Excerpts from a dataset

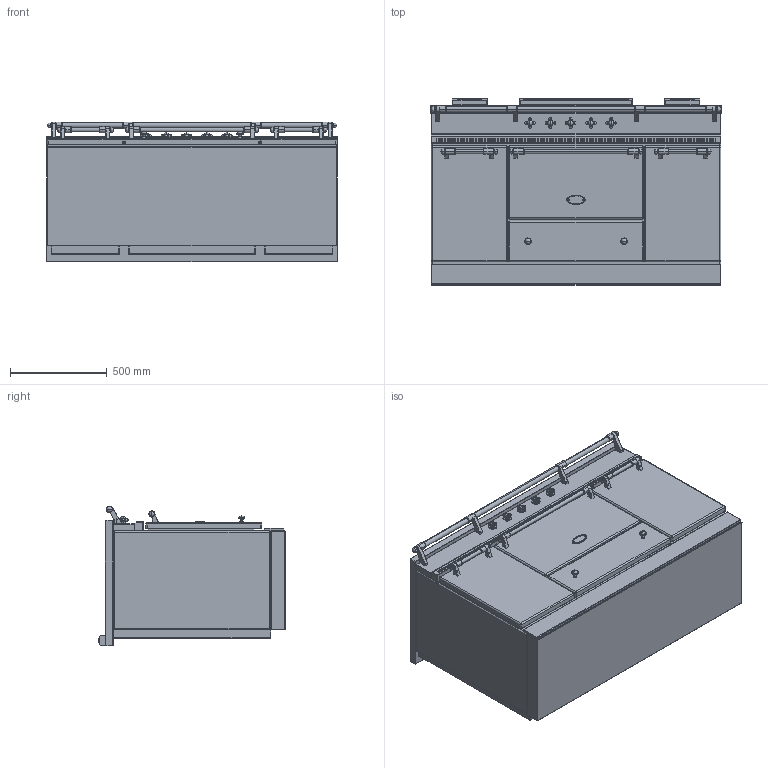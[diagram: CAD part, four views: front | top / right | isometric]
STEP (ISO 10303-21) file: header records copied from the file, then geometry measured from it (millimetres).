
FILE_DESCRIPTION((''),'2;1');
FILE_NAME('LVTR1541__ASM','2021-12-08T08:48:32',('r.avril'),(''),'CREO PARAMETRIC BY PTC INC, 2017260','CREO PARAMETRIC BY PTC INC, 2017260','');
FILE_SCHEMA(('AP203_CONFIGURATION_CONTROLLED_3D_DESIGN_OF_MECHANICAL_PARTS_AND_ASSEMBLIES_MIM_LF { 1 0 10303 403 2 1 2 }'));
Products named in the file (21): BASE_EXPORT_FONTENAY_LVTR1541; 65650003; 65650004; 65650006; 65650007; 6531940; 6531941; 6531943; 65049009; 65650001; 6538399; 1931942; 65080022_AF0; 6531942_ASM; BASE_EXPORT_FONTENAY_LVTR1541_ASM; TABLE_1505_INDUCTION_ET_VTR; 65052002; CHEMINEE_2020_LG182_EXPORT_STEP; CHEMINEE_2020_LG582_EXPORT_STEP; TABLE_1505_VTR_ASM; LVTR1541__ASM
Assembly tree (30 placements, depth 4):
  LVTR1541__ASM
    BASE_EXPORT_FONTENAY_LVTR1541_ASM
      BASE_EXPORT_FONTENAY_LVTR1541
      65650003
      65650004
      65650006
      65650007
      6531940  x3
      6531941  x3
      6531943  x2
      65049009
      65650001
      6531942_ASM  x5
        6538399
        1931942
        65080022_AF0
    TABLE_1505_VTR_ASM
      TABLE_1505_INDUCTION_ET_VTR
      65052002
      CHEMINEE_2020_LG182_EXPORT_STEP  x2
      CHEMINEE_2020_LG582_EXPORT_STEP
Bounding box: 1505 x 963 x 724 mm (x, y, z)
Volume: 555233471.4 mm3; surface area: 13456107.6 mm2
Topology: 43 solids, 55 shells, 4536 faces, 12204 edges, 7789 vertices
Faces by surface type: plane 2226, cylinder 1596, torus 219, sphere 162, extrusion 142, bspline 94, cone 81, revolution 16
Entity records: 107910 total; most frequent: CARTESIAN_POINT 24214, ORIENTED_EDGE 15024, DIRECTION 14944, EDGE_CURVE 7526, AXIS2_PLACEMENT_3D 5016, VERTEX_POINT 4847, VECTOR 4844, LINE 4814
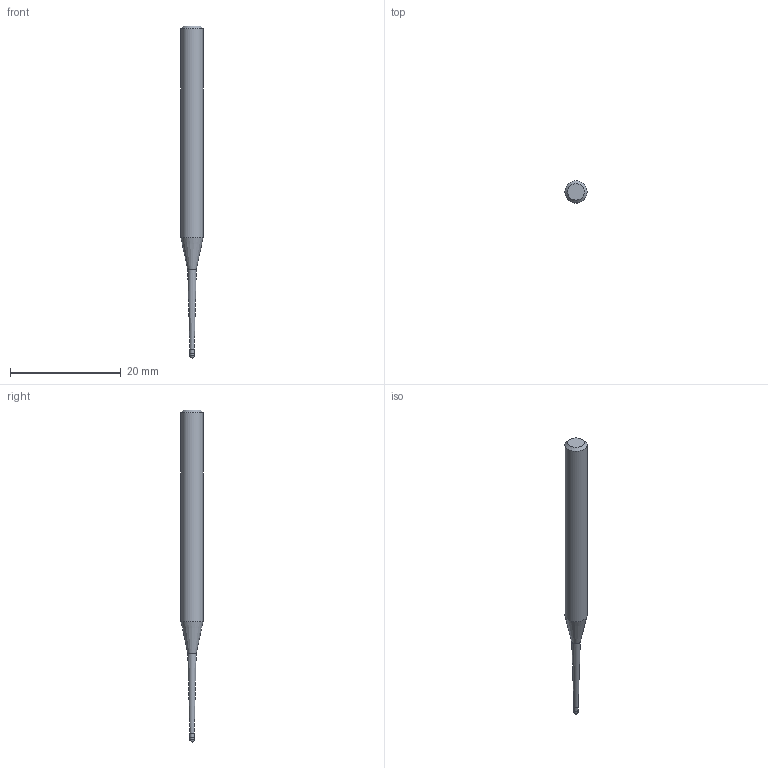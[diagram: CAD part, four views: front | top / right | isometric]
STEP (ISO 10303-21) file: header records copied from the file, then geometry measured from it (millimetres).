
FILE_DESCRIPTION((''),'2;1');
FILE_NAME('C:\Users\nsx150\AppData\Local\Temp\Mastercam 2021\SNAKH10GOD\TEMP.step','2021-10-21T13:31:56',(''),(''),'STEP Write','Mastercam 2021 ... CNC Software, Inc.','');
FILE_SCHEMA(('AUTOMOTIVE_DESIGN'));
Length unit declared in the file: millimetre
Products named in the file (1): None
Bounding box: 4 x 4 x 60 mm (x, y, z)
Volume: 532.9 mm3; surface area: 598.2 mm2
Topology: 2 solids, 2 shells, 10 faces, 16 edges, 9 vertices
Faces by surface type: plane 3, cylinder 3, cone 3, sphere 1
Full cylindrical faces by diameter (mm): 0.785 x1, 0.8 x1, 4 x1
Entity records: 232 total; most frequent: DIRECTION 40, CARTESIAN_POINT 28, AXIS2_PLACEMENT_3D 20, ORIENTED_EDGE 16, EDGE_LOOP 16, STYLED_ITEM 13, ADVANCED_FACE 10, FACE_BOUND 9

Try it => Give the entries again exactly. Pictures stay out.

Written solution =>
[diagram: CAD part, four views: front | top / right | isometric]
STEP (ISO 10303-21) file: header records copied from the file, then geometry measured from it (millimetres).
FILE_DESCRIPTION((''),'2;1');
FILE_NAME('LVTR1541__ASM','2021-12-08T08:48:32',('r.avril'),(''),'CREO PARAMETRIC BY PTC INC, 2017260','CREO PARAMETRIC BY PTC INC, 2017260','');
FILE_SCHEMA(('AP203_CONFIGURATION_CONTROLLED_3D_DESIGN_OF_MECHANICAL_PARTS_AND_ASSEMBLIES_MIM_LF { 1 0 10303 403 2 1 2 }'));
Products named in the file (21): BASE_EXPORT_FONTENAY_LVTR1541; 65650003; 65650004; 65650006; 65650007; 6531940; 6531941; 6531943; 65049009; 65650001; 6538399; 1931942; 65080022_AF0; 6531942_ASM; BASE_EXPORT_FONTENAY_LVTR1541_ASM; TABLE_1505_INDUCTION_ET_VTR; 65052002; CHEMINEE_2020_LG182_EXPORT_STEP; CHEMINEE_2020_LG582_EXPORT_STEP; TABLE_1505_VTR_ASM; LVTR1541__ASM
Assembly tree (30 placements, depth 4):
  LVTR1541__ASM
    BASE_EXPORT_FONTENAY_LVTR1541_ASM
      BASE_EXPORT_FONTENAY_LVTR1541
      65650003
      65650004
      65650006
      65650007
      6531940  x3
      6531941  x3
      6531943  x2
      65049009
      65650001
      6531942_ASM  x5
        6538399
        1931942
        65080022_AF0
    TABLE_1505_VTR_ASM
      TABLE_1505_INDUCTION_ET_VTR
      65052002
      CHEMINEE_2020_LG182_EXPORT_STEP  x2
      CHEMINEE_2020_LG582_EXPORT_STEP
Bounding box: 1505 x 963 x 724 mm (x, y, z)
Volume: 555233471.4 mm3; surface area: 13456107.6 mm2
Topology: 43 solids, 55 shells, 4536 faces, 12204 edges, 7789 vertices
Faces by surface type: plane 2226, cylinder 1596, torus 219, sphere 162, extrusion 142, bspline 94, cone 81, revolution 16
Entity records: 107910 total; most frequent: CARTESIAN_POINT 24214, ORIENTED_EDGE 15024, DIRECTION 14944, EDGE_CURVE 7526, AXIS2_PLACEMENT_3D 5016, VERTEX_POINT 4847, VECTOR 4844, LINE 4814
[diagram: CAD part, four views: front | top / right | isometric]
STEP (ISO 10303-21) file: header records copied from the file, then geometry measured from it (millimetres).
FILE_DESCRIPTION((''),'2;1');
FILE_NAME('C:\Users\nsx150\AppData\Local\Temp\Mastercam 2021\SNAKH10GOD\TEMP.step','2021-10-21T13:31:56',(''),(''),'STEP Write','Mastercam 2021 ... CNC Software, Inc.','');
FILE_SCHEMA(('AUTOMOTIVE_DESIGN'));
Length unit declared in the file: millimetre
Products named in the file (1): None
Bounding box: 4 x 4 x 60 mm (x, y, z)
Volume: 532.9 mm3; surface area: 598.2 mm2
Topology: 2 solids, 2 shells, 10 faces, 16 edges, 9 vertices
Faces by surface type: plane 3, cylinder 3, cone 3, sphere 1
Full cylindrical faces by diameter (mm): 0.785 x1, 0.8 x1, 4 x1
Entity records: 232 total; most frequent: DIRECTION 40, CARTESIAN_POINT 28, AXIS2_PLACEMENT_3D 20, ORIENTED_EDGE 16, EDGE_LOOP 16, STYLED_ITEM 13, ADVANCED_FACE 10, FACE_BOUND 9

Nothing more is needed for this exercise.